**Required action**
Within the records that follow, restate exactly the lines from the line with "#29822 = VERTEX_POINT ( 'NONE', #24914 ) ;" down to the line with "FILE_DESCRIPTION (( 'STEP AP203' ), '1' );", including both. Omit the pictures.

[[ Data extracts open ]]

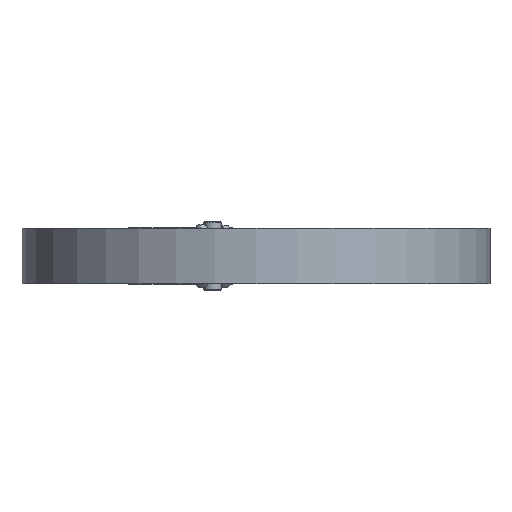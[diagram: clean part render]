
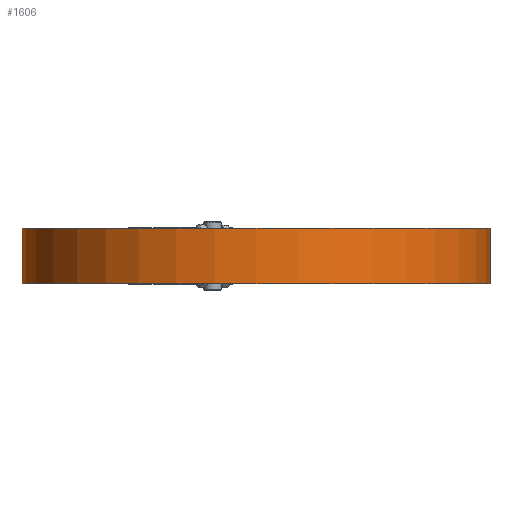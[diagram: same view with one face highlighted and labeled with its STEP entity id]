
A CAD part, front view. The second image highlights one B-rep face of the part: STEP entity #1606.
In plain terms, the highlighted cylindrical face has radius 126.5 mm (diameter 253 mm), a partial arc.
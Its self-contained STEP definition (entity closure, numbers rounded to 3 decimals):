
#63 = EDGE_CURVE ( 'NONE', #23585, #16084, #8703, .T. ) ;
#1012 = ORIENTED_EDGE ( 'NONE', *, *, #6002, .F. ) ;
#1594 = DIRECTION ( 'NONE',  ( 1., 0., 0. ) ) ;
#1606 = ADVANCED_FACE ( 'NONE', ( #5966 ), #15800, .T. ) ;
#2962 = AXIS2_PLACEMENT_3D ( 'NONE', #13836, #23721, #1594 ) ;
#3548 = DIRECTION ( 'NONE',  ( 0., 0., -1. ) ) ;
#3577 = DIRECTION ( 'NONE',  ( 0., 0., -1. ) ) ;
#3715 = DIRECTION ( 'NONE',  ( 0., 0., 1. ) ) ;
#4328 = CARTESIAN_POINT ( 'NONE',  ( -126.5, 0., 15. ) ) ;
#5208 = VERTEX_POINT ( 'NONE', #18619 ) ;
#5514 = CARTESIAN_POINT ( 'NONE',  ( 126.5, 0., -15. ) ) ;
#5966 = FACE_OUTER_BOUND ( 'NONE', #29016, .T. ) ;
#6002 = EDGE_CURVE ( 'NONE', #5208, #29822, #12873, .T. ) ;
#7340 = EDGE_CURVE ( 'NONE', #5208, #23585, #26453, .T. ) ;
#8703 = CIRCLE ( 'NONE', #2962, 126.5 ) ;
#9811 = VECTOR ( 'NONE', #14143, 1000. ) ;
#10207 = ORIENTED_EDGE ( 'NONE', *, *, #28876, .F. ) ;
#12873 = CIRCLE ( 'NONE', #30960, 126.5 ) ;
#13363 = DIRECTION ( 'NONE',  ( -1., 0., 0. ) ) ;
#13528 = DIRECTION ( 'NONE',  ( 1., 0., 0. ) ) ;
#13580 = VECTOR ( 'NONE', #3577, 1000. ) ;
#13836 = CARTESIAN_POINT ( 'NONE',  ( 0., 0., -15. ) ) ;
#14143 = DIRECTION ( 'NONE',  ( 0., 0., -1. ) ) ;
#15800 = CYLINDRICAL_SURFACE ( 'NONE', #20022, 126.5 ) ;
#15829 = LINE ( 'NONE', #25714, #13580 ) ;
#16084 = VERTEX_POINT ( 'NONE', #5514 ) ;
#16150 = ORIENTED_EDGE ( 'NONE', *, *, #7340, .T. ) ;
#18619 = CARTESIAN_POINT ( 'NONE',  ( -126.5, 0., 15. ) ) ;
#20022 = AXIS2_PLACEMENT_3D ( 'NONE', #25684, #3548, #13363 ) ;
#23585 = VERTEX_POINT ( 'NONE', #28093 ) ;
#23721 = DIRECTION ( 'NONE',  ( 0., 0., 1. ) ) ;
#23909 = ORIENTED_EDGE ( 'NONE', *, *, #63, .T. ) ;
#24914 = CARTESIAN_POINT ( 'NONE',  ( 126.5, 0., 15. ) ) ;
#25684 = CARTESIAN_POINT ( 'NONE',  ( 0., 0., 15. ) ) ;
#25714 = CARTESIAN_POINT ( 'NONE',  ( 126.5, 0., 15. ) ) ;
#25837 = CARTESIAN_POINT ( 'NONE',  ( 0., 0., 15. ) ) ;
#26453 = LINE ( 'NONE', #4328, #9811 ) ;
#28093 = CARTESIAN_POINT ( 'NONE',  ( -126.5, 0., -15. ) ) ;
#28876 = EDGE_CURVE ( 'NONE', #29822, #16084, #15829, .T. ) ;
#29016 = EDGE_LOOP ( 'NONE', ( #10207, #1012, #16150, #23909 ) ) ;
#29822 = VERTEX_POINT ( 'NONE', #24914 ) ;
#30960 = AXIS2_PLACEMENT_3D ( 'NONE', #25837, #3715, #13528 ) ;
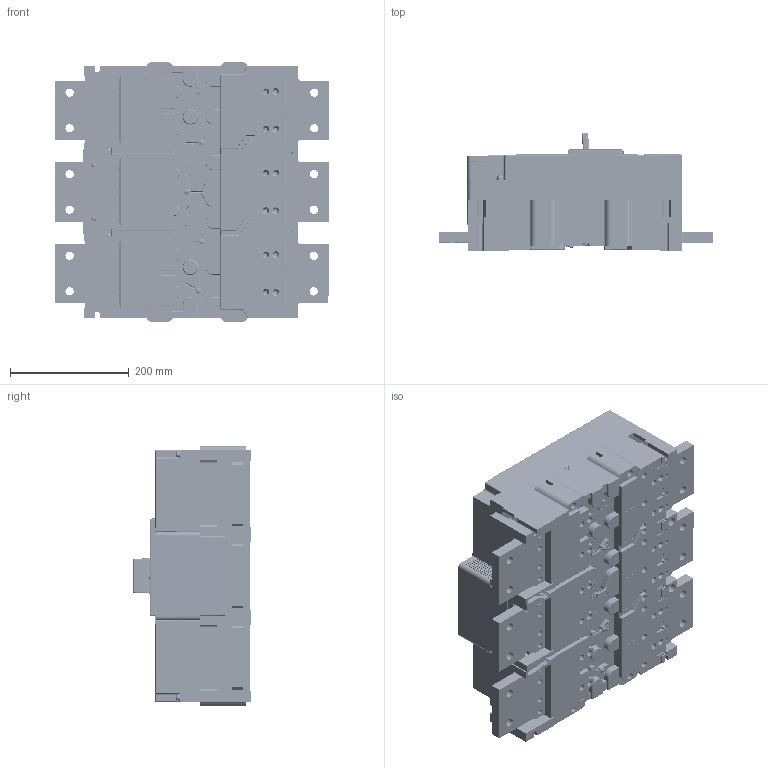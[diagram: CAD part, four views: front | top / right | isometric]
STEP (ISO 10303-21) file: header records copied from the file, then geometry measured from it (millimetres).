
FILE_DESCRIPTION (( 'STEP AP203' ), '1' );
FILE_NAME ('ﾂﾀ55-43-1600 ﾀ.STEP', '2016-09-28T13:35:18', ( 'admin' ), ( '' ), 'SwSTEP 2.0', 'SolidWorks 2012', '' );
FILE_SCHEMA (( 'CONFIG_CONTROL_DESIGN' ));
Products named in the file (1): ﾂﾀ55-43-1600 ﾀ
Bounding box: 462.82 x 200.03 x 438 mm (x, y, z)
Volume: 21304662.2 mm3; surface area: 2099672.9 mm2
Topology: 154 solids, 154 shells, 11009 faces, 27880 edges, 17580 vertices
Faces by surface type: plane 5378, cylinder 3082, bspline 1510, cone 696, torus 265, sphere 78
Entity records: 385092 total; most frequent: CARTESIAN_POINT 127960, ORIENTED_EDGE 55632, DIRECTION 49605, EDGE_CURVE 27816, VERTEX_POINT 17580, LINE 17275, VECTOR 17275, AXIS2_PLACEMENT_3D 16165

[[ Data extracts closed ]]

**Answer to this task**
#29822 = VERTEX_POINT ( 'NONE', #24914 ) ;
#30960 = AXIS2_PLACEMENT_3D ( 'NONE', #25837, #3715, #13528 ) ;
[diagram: CAD part, four views: front | top / right | isometric]
STEP (ISO 10303-21) file: header records copied from the file, then geometry measured from it (millimetres).
FILE_DESCRIPTION (( 'STEP AP203' ), '1' );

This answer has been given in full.